Caspar Brötzmann Massaker loop ik mis, dus dan eerst maar naar GODFLESH in Tivoli. Een legendarisch Brits duo had ik al gelezen, echte originators die de weg baanden voor een geheel nieuw industrial metal-genre. Een van de twee heeft zelfs ooit nog in Napalm Death gezeten, nou die naam zeg me wel wat. Na zich een aantal jaren in de luwte verstopt te hebben beleven ze nu een tweede jeugd. Op het Ronda-podium staat geheel rechts de gitarist/zanger en geheel links de bassist. Daar tussenin gaapt een gat want een drummer is er niet, zijn rol wordt overgenomen door een verder onzichtbare heavy ritmebox. De aankleding is zwart, het zaallicht is wit. Tegen de achterwand wordt een lullige, gedateerd aandoende diashow geprojecteerd, die hadden ze beter thuis kunnen laten, zegt de bandcoach in mij. De muziek valt me zwaar, ik hoor helemaal niks nieuws, verrassends of wereldschokkends. Wel zie ik twee zwoegende mannen die met handen en voeten gebonden zijn aan de nukken van dat ritme-apparaat.

Christus aan het kruis in de Botlek? Nee hoor, het is Godflesh maar! (foto: Johannes P. Snoeyschaer)

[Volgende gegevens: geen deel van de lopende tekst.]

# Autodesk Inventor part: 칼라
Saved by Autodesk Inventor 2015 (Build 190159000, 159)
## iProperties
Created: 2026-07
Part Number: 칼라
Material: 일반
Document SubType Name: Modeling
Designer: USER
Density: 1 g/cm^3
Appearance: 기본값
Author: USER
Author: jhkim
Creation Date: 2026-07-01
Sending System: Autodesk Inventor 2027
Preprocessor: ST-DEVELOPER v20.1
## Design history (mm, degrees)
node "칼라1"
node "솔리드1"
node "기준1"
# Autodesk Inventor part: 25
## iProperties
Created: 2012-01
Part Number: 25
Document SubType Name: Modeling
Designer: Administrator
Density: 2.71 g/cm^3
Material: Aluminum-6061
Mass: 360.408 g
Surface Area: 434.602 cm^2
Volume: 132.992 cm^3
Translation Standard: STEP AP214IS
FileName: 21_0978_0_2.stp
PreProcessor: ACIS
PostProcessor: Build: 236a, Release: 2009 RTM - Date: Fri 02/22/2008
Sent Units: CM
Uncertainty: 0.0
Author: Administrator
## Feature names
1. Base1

Ook hoor ik een zanger die er op zijn eerbiedwaardige leeftijd hoorbaar moeite mee heeft om er af en toe van die angstaanjagende (not!) grunts uit te gooien. Macho zou ik deze band niet willen noemen maar mannelijk is het in elk geval. Dat heeft zijn weerslag op het publiek want dat bestaat zo te zien voor minimaal 90% uit mannen, terwijl jongetjes nergens zijn te bekennen. Tevreden staart de zaal voor zich uit, kennelijk vindt men het wel goed zo. Beleefde applausje tussendoor weerspiegelen dat. Verder is er weinig reuring, laat staan dat er sprake is van onderhuids sluimerende sporen van een naderende moshpit. Nee, vermoedelijk is voor deze specifieke scene het in de nabijheid verkeren van oude helden al een sensatie op zich, de kwaliteit van het gebodene is van minder belang. Ik zeg: Godflesh is voor liefhebbers interessant maar voor buitenstaanders een deprimerende ervaring.

Gruff Rhys
La Bruja de Texcoco

Daarna snel naar de Bemuurde Weerd gefietst. GREG FOX is een mij onbekende drummer die naam heeft gemaakt in de New Yorkse impro-scene. Ooit studeerde hij percussie, ja kennelijk kun je dat studeren! Her en der kom je filmpjes van hem tegen waarin hij zijn virtuositeit ten toon spreidt. Maar, en dat is opmerkelijk, in Ekko is een drumstel nergens te bekennen. Midden in de zaal staat wel een grote tafel opgesteld en het publiek mag daar omheen gaan staan. Greg – type alternatieve boswachter met een groene regenjas aan-  neemt plaats achter een opengeklapt aluminium koffertje, waaruit een kluwen snoertjes puilt. Hij drukt wat knopjes in terwijl zijn aangezicht zich fronst. Wat volgt is een percussieve soundscape. Als ik het goed begrijp heeft hij vooraf met sensoren allerlei anoloog drumwerk opgenomen en dat digitaal door allerhande elektronica gejaagd. Het resultaat is een lekker freaky hoorspel, al duurt het eerste nummer wat lang, een minuut of 25 schat ik. Nieuwsgierig naar wat de man nog meer in zijn mars heeft dring ik me naar voren. Maar Greg vindt het blijkbaar wel welletjes zo en klapt hup, zijn koffertje dicht. Einde show! Nou nou, die Greg verdient zijn centen gemakkelijk, denk je dan. Hopelijk heeft LGW een strenge administrateur die voor hem uitrekent dat een halve gage vanavond het maximaal haalbare is. En die hem erbij vertelt dat hij de volgende keer beter kan ophoepelen.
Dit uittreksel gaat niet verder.